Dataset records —

= Beginning of Section =

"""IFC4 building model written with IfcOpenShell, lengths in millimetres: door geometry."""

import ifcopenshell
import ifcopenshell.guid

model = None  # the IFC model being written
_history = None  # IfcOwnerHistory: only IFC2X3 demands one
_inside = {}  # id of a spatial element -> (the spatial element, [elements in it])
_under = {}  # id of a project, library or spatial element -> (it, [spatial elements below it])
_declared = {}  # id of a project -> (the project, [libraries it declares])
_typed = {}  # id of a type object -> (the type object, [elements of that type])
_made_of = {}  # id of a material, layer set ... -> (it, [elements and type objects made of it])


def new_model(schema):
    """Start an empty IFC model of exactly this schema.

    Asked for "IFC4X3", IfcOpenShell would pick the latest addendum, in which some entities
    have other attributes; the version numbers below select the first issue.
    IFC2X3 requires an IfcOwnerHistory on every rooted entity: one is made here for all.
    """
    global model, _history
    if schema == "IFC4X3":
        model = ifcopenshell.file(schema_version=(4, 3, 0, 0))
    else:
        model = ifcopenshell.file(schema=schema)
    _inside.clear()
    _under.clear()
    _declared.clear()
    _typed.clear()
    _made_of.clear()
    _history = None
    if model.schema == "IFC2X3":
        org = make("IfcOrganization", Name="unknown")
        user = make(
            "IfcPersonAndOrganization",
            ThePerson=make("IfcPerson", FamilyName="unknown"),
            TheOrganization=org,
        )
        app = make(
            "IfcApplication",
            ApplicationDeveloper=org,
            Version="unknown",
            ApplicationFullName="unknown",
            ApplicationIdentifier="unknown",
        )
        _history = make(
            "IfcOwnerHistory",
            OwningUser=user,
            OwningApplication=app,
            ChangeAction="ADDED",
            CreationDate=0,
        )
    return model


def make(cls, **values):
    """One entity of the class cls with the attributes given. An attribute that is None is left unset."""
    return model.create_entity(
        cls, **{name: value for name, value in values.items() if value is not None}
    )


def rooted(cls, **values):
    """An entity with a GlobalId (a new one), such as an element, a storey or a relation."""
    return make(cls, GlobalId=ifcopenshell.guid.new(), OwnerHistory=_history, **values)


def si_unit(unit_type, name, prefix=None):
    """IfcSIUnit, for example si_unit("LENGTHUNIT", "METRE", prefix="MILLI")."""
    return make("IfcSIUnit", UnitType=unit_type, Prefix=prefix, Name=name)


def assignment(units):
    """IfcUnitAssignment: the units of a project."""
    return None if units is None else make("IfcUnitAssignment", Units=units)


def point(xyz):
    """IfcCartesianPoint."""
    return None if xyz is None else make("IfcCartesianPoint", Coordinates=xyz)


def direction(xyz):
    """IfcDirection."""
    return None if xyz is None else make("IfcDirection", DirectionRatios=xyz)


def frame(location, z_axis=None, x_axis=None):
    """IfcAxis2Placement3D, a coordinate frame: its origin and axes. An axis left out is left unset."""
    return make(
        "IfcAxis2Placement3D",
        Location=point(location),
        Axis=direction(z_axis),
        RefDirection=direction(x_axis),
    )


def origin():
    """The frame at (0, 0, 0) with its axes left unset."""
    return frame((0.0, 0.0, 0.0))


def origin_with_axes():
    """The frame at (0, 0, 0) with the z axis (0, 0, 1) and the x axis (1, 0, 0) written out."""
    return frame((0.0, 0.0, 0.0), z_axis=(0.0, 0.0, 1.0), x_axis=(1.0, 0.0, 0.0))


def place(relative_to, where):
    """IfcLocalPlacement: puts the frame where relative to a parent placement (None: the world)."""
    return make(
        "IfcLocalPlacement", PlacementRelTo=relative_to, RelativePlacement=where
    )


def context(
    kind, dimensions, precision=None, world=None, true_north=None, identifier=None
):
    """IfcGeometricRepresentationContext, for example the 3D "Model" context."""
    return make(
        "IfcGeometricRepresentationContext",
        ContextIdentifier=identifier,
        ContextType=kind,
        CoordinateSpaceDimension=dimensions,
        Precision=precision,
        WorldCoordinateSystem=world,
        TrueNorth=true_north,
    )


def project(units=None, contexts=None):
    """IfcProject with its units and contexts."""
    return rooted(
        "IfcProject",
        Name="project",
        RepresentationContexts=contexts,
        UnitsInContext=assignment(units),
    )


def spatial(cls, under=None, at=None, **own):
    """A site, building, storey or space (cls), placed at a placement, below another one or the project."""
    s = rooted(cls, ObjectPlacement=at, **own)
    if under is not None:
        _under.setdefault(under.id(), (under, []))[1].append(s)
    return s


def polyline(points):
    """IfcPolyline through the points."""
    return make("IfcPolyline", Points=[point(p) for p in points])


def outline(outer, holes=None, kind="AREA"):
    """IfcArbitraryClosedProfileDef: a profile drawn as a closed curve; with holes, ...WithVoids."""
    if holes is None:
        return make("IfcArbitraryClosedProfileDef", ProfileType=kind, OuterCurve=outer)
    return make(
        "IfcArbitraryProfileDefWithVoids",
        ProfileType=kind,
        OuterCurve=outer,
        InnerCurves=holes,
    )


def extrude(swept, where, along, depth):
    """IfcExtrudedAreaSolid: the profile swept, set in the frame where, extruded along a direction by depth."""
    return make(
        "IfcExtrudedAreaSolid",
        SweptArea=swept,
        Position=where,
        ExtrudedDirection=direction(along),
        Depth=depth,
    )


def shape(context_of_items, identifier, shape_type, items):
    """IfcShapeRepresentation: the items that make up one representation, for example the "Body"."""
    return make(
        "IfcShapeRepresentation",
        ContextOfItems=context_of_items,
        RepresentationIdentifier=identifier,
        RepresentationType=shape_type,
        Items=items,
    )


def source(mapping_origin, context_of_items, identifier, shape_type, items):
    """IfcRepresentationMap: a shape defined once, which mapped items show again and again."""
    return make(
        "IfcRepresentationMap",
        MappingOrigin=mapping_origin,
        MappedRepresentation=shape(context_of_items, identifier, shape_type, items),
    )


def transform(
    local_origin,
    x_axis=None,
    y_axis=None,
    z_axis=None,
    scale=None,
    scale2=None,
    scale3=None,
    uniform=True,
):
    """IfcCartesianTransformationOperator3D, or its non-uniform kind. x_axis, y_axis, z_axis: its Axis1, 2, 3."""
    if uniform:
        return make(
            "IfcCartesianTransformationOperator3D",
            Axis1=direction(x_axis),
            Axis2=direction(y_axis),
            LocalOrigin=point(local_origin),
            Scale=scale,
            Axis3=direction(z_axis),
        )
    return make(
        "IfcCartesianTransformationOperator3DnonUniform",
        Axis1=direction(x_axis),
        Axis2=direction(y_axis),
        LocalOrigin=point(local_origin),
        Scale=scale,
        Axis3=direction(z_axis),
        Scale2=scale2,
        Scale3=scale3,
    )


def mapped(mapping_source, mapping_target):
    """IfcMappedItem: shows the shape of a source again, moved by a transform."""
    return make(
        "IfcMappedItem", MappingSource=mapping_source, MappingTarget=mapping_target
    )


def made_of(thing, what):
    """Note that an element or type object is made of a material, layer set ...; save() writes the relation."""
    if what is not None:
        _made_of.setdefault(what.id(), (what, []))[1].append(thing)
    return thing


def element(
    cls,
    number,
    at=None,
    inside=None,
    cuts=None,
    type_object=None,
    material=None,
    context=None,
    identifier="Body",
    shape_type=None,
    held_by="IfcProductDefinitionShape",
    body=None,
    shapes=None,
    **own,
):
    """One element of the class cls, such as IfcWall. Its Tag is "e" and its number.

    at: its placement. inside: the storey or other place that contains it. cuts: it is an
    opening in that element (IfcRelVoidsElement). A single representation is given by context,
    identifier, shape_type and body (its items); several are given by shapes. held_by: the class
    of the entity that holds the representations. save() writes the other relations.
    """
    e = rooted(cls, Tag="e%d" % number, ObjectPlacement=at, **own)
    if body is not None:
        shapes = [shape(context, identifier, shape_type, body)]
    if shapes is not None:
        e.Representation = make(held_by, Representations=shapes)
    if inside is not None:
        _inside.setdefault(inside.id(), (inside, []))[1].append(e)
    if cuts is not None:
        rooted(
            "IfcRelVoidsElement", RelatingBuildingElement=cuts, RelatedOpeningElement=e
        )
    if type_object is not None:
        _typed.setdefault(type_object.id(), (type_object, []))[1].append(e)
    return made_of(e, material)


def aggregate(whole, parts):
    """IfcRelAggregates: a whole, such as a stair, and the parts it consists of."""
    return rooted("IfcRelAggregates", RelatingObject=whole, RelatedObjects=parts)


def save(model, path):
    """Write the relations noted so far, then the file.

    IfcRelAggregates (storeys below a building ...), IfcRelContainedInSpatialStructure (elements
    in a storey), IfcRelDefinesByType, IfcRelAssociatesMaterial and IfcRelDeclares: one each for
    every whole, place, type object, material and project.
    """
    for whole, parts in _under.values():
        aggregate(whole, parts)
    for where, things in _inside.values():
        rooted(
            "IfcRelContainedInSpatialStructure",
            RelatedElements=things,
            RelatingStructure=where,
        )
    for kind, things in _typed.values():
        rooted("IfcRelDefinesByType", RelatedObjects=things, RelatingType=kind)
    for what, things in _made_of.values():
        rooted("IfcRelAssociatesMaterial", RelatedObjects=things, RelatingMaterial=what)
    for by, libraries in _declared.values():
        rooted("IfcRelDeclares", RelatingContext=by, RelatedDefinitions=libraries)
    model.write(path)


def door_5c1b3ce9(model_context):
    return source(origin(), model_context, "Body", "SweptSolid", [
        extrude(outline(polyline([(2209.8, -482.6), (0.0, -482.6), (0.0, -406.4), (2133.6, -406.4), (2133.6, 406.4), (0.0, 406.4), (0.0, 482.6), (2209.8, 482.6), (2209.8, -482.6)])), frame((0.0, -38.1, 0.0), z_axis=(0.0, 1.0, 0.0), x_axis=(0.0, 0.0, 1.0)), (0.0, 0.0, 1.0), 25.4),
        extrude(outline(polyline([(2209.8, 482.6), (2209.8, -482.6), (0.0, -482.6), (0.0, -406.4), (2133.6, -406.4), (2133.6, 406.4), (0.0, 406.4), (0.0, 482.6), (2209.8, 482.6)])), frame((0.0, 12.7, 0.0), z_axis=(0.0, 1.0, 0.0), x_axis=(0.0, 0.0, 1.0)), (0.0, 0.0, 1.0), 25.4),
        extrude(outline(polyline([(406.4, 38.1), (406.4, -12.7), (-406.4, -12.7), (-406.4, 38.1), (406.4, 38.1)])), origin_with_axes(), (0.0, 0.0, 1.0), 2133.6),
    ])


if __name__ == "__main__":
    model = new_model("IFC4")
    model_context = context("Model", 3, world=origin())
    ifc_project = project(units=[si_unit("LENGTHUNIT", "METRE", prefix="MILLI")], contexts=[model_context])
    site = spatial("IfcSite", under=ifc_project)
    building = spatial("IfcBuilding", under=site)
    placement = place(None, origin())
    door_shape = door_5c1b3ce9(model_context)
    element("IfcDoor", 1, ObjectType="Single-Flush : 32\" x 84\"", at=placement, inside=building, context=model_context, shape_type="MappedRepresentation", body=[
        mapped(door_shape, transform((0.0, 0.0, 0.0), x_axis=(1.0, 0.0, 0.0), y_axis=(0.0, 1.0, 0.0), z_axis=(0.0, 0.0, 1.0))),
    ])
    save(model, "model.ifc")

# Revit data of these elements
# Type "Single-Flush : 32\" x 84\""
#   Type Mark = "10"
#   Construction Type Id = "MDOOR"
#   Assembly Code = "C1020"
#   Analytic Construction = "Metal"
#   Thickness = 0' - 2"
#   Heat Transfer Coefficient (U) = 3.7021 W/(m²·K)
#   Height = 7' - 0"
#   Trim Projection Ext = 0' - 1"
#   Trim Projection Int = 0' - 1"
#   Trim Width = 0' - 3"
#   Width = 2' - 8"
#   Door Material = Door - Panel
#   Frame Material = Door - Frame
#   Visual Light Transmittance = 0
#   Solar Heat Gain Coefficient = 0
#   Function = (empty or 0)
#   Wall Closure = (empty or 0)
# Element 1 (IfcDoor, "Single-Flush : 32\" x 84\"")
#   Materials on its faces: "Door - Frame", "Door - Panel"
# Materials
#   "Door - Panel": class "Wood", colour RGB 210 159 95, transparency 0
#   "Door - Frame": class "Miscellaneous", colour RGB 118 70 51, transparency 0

= End of Section =

Activity —
A single number is required: how many lines in these records contain "RelatedObjects".

Output for this task —
3